Bodies with headers come before any that don't have them. When a block is called, its headers are checked in order for compatibility with the arguments, and the first body with a compatible header is used.

        CaseAdd ← {
          2𝕊3: 0‿5 ;
          2𝕊𝕩: ⟨1,2+𝕩⟩ ;
           𝕊𝕩: 2‿𝕩
        }

        2 CaseAdd 3

        2 CaseAdd 4

          CaseAdd 4

If no header is compatible, the call results in an error.

        3 CaseAdd 3

### Case headers

The optional `𝕊` rule makes for convenient case-matching syntax in one-argument functions.

        Test ← {
          "abc": "string" ;
          ⟨2,b⟩: ⌽𝕩       ;
          5:     "number" ;
          𝕩:     "default"
        }
        Test 5

These case-style headers function exactly the same as if they were preceded by `𝕊`, and can be mixed with other kinds of headers.

### Predicates

Destructuring with a header is limited, as it can only match a particular structure or value exactly—not, for example, a range of lengths. A predicate, written with `?`, allows you to test an arbitrary property before evaluating the rest of the body, and also serves as a limited kind of control flow. It can be thought of as an extension to a header. So the following function requires the argument to have two elements and for the first to be less than the second before using the first body. Otherwise it moves to the next body, which is unconditional.

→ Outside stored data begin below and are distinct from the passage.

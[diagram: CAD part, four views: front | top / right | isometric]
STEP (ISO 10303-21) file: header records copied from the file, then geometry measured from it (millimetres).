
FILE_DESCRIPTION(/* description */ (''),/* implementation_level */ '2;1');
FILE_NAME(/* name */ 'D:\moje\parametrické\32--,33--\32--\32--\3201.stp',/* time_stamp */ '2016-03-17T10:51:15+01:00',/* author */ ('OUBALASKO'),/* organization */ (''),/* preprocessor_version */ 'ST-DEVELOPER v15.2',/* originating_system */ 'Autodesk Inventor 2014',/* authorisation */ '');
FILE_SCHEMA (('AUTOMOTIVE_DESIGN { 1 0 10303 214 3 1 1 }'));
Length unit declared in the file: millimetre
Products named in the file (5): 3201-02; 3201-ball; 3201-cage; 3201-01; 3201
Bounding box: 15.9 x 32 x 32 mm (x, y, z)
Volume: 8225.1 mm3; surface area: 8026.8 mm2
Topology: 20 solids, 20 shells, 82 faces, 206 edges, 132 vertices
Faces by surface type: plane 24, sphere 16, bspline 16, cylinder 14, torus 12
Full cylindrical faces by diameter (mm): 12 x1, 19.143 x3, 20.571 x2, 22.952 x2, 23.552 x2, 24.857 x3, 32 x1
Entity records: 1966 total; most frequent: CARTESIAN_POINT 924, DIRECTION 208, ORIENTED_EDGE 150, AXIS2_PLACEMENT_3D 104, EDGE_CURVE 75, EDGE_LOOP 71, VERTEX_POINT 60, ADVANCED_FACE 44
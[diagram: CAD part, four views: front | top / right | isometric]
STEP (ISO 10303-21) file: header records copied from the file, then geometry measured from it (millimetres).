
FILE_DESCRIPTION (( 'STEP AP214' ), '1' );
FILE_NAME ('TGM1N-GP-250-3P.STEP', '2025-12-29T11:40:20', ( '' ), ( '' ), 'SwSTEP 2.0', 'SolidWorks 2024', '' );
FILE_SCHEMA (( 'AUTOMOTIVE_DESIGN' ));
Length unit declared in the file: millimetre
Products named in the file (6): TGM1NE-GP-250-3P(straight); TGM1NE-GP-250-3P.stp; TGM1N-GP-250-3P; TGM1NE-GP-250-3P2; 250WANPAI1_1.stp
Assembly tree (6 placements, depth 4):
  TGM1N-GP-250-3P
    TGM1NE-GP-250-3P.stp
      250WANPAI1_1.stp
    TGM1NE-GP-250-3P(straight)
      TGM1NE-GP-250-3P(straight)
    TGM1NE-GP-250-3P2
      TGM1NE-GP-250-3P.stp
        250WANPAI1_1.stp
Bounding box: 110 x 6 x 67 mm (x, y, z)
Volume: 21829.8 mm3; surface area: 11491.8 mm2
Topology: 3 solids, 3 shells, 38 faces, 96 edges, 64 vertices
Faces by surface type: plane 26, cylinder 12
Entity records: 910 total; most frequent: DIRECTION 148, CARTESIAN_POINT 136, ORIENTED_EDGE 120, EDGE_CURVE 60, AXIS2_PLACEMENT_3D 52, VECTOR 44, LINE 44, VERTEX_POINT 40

        CheckPair ← { 𝕊⟨a,b⟩: a<b? "ok" ; "not ok" }

        CheckPair ⟨3,8⟩    # Fails destructuring

        CheckPair ⟨1,4,5⟩  # Not a pair

        CheckPair ⟨3,¯1⟩   # Not ascending

The body where the predicate appears doesn't need to start with a header, and there can be other statements before it. Really, `?` works just like a separator (like `⋄` or `,`) with a side effect.

        { r←⌽𝕩 ⋄ 't'=⊑r ? r ; 𝕩 }¨ "test"‿"this"

So `r` is the reversed argument, and if its first character (the last one in `𝕩`) is `'t'` then it returns `r`, and otherwise we abandon that line of reasoning and return `𝕩`.

This sounds a lot like an if statement. And `{ a<b ? a ; b }`, which computes `a⌊b` the hard way, shows how the syntax can be similar to a ternary operator. This is an immediate block with multiple bodies, something that makes sense with predicates but not headers. But `?;` offers more possibilities. It can support any number of options, with multiple tests for each one—the structure below is "if \_ and \_ then \_; else if \_ then \_; else \_".

        Thing ← { 𝕩≥3? 𝕩≤8? 2|𝕩 ; 𝕩=0? @ ; ∞ }

        (⊢ ≍ Thing¨) ↕10  # Table of arguments and results

This structure is still controlled by the rules of block bodies: each instance of `;` is a separate scope, so that variables defined before a `?` don't survive past the `;`.

        { 0=n←≠𝕩 ? ∞ ; n } "abc"

This is the main drawback of predicates relative to guards in APL dfns (also written with `?`), while the advantage is that it allows multiple expressions, or extra conditions, after a `?`. It's not how I would have designed it if I just wanted to make a syntax for if statements, but it's a natural fit for the header system.